Das alles versuch ich derzeit krampfhaft - klappt auf Forellen super aber Brachsen fang ich keine


----------



## Alex1860 (25. Juli 2013)

*AW: Brachsen-Rückgang im Inn zwischen Salzachmündung und Braunau (Stadtbrücke)*

jo google einfach mal nach ein par futtermischungen oder schau hier im forum nach sind echt gute dabei die dich auch zum erfolg bringen werden.

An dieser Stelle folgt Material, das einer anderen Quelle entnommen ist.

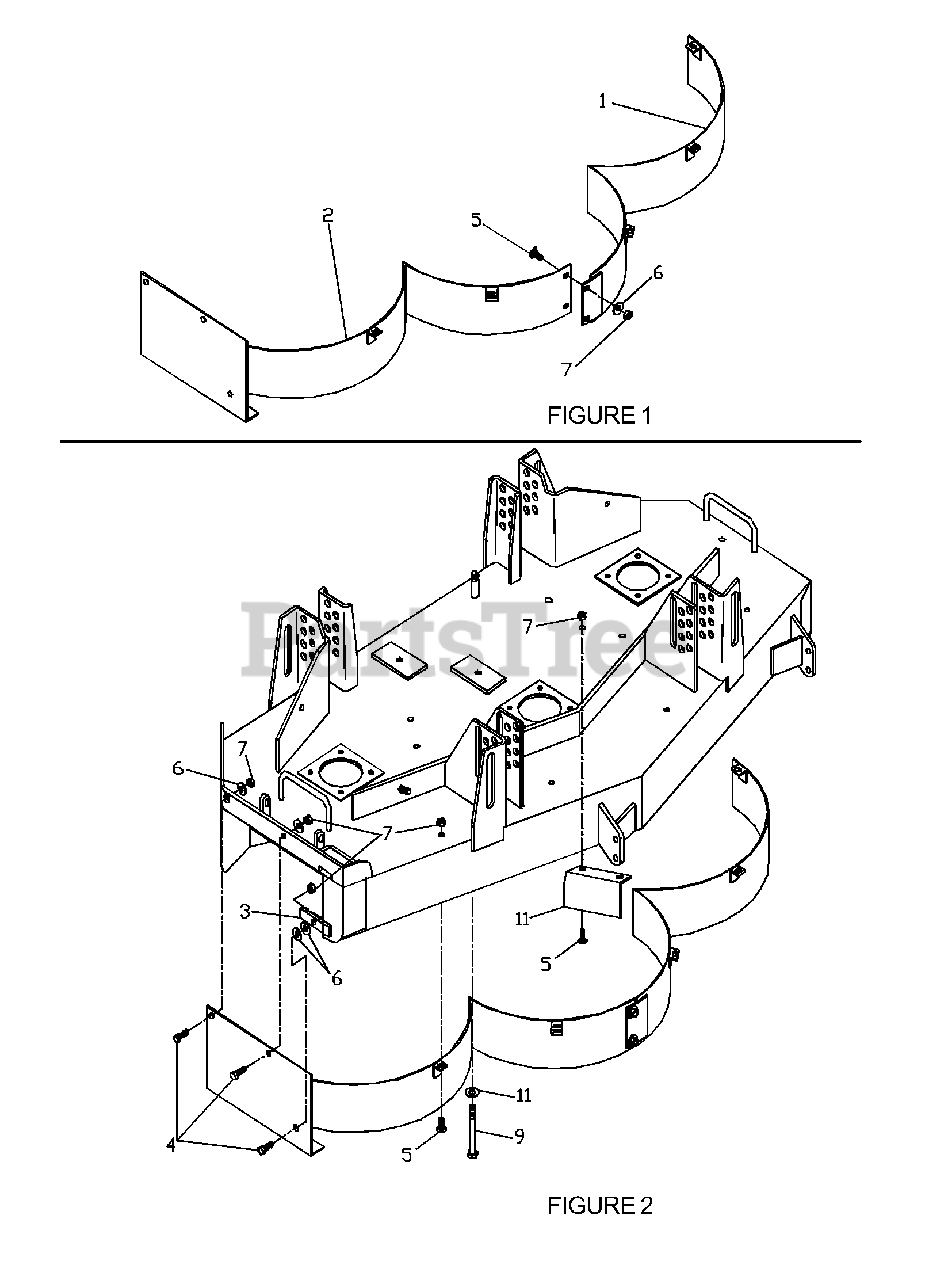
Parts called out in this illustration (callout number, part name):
1	BAFFLE, 42"
2	DISCHARGE BAFFLE, 42"
4	HCS 5/16C X 1" GRADE 5
5	5/16C X 5/8" CARRIAGE BOLT
6	5/16 FLAT WASHER
7	6 5/16C CENTERLOCK NUT
8	MULCH BLADE 14 7/8"
9	HCS 5/16C X 4 1/2"
10	CENTER DEFLECTOR
11	FLANGED WASHER
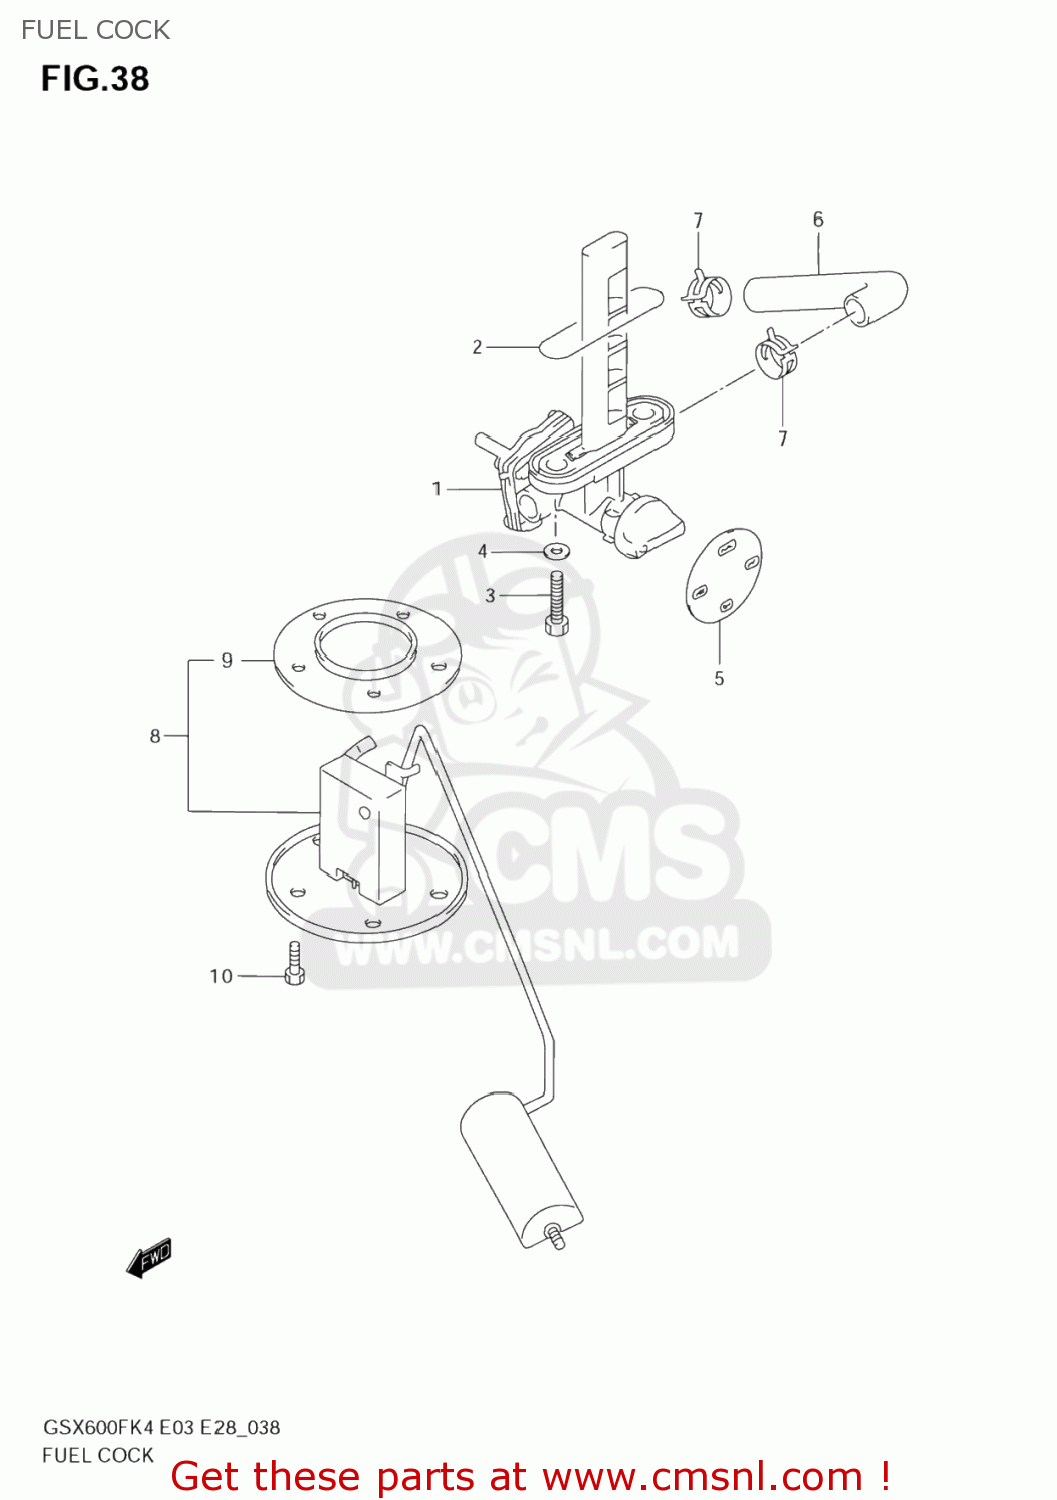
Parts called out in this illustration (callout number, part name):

Also ich persönlich fange meine Brachsen immer in irgend welchen Kehrströmungen bzw. in der nähe davon  die meisten beißen auf tauwurm, hab aber auch schon auf madenbündel und mais gefangen. ja dann bisde wirklich nicht weit weg, aber glaube das ist simbacher vereinsstrecke, also auf der deutschen Seite


----------



## großdorsch 1 (25. Juli 2013)

*AW: Brachsen-Rückgang im Inn zwischen Salzachmündung und Braunau (Stadtbrücke)*

na dann hast du ja ein sehr grosses problem erkannt,das wir wohl in ganz europa neben dem cormoran haben!!!


----------



## arnichris (1. August 2013)

*AW: Brachsen-Rückgang im Inn zwischen Salzachmündung und Braunau (Stadtbrücke)*

War der letzte Beitrag jetzt ironisch gemeint oder wie darf ich das verstehen @großdorsch1?


----------



## Frank the Tank (1. August 2013)

*AW: Brachsen-Rückgang im Inn zwischen Salzachmündung und Braunau (Stadtbrücke)*



arnichris schrieb:


> War der letzte Beitrag jetzt ironisch gemeint oder wie darf ich das verstehen @großdorsch1?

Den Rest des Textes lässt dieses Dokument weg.